We can distribute the data points, i.e. each row of X to different machines.
Matrix multiplication can be done through outer products
- We distribute each data point to different workers: O(nd) storage, but can be
distributed
- Map step: Each worker computes the outer product for each data point: O(nd^2)
computation, but can be distributed, O(d^2) local storage
- Reduce step: sum over all the outer products: O(d^3) computation, O(d^2) storage
The above 3 steps can be summrized in following spark code:
trainData.map(computeOuterProduct).reduce(sumAndInverse)
Scenario 2: when d grow large, n is also large
- 1st rule of thumb: we need computation and storage both linearly.
- Exploit sparsity, sparse data is prevalent. It can provide orders of magnitude
storage and computation gain.
- Latent sparsity, PCA and low-rank approximation (unsupervised learning)
- Or we can use different algorithms, like gradient descent O(nd) computation
and O(d) storage per iteration.
- map: O(nd) computation and O(d) storage
- reduce: O(d) computation and O(d) storage
- But we need to repeat the process several times
GRADIENT DESCENT
Choose the step size:
- A common step size:
a_i = \frac{a}{n\sqrt{i}}
Parallel the gradient descent
- map: (wx - y)x
- reduce: sum up
for i in range(numIters):
alpha_i = alpha / (n * np.sqrt(i+1))
gradient = train.map(lambda lp: gradientSummand(w, lp)).sum()
w -= alpha_i * gradient
return w
Gradient descent summary
Pros:
- Easy to Parallel
- Cheap at each iteration
- Stochastic variants can make each iteration even cheaper
Cons:
- Slow convergence
- require communication across nodes.
COMMUNICATION HIERARCHY
- Memory is about 50GB/s
- Disk is about 100M/s
- Network is about 10GB/s within the same rack, 0.3 GB/s for different racks
DISTRIBUTED MACHINE LEARNING: COMMUNICATION PRINCIPLES
2nd rule of thumb: Perform parallel and in-memory computation
Persistent in memory reduces communication.

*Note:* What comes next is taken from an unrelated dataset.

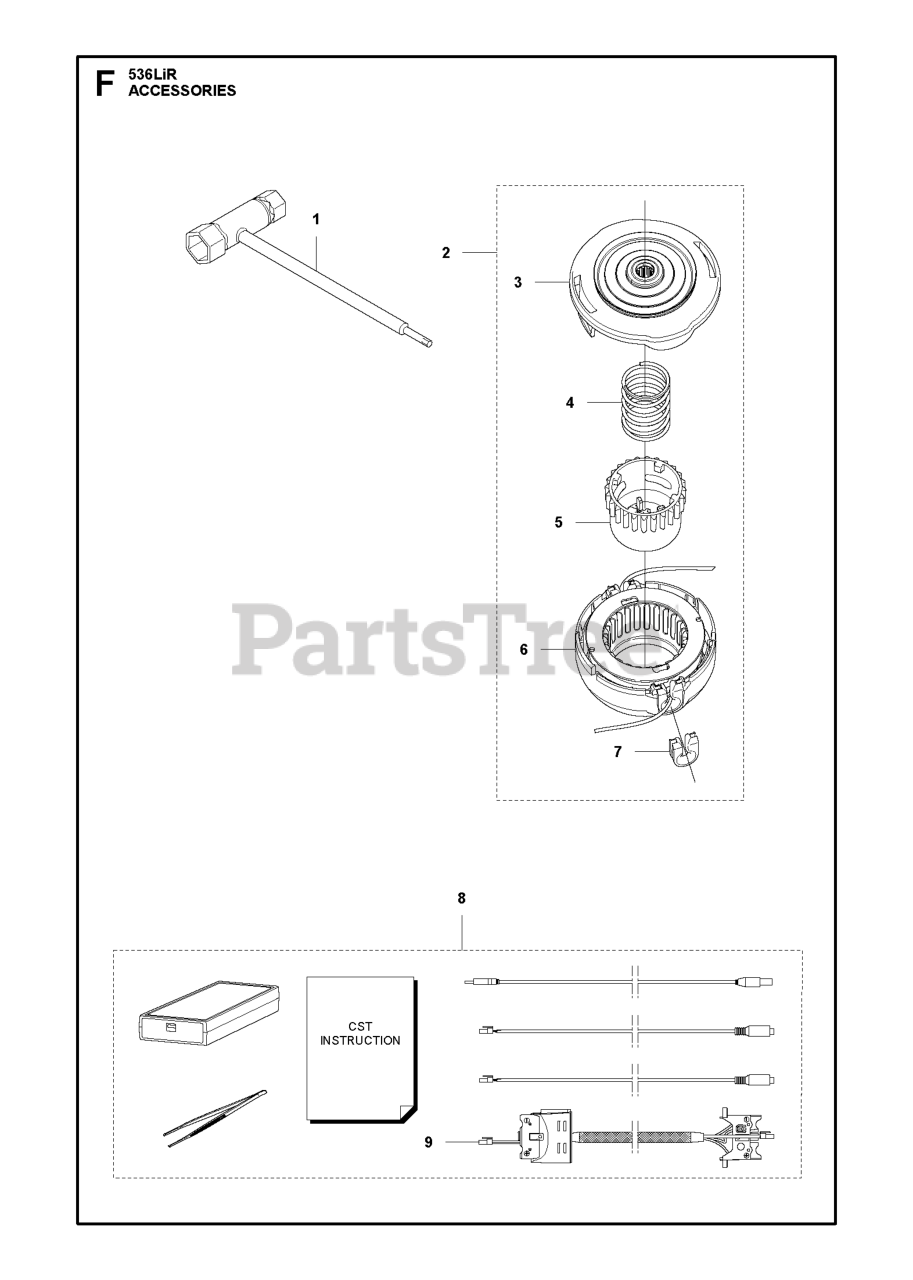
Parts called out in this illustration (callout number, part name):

- Especially for iterative algorithms, e.g. gradient descent
- Scale up to powerful multi-core machine
- No network communication
- Expensive
- Scale out, e.g. distributed, cloud based
- Need to deal with network
- Commodity HW, scales to massive problems
# We can cache the training set
train.cache()
for i in range(numIters):
alpha_i = alpha / (n * np.sqrt(i+1))
gradient = train.map(lambda lp: gradientSummand(w, lp)).sum()
w -= alpha_i * gradient
return w
3rd rule of thumb: Minimize the Network Communication
First observation: We need to store and potentially communicate data, model and
intermediate objects
Second observation: ML methods are typically iterative
- Reduce the number of interactions
Extreme: Divide and Conqure
- Fully process each partition locally, communicate the final results
- Single iteration and minimal communication
- Approximate results
train.mapPartitions(localLinearRegression).reduce(combineLocal)
Less extreme: Mini batch
for i in range(fewerIters):
update = train.mapPartitions(doSomeLocalGradientUpdates).reduce(combineLocalUpdates)
w += update
return w
We can amortize latency
- send large message
- Batch their communication
- Train multiple models
Lecture 04 Logistic Regression and Click-through Rate Pipeline
ONLINE ADVERTISING
$43B in 2013
The players
- Publishers
- Advertisers
- Matchmakers
- Google, Yahoo, MS
- Match publishers with advertisers in real time (when user visits a website)
Efficient Matchmaking
- Predict probability that user will click each ad and choose ads that maximize
probability
- Estimate conditional probability: given predictive features
- Predictive features
- Ad’s historical performance
- advertiser and ad content info
- Publisher info
- User info (search/click history)
Publishers Get Billions of Impressions Per Day
- Data is high dimensional, sparse and skewed (heavily bias)
- Hundreds of millions of users
- Millions of publisher pages
- Millions of ads
- Very few ads get clicked by users
- Problem definition
- Given massive data to estimate the conditional probability that a user will
click a ad given features about the user, the ad and the publisher.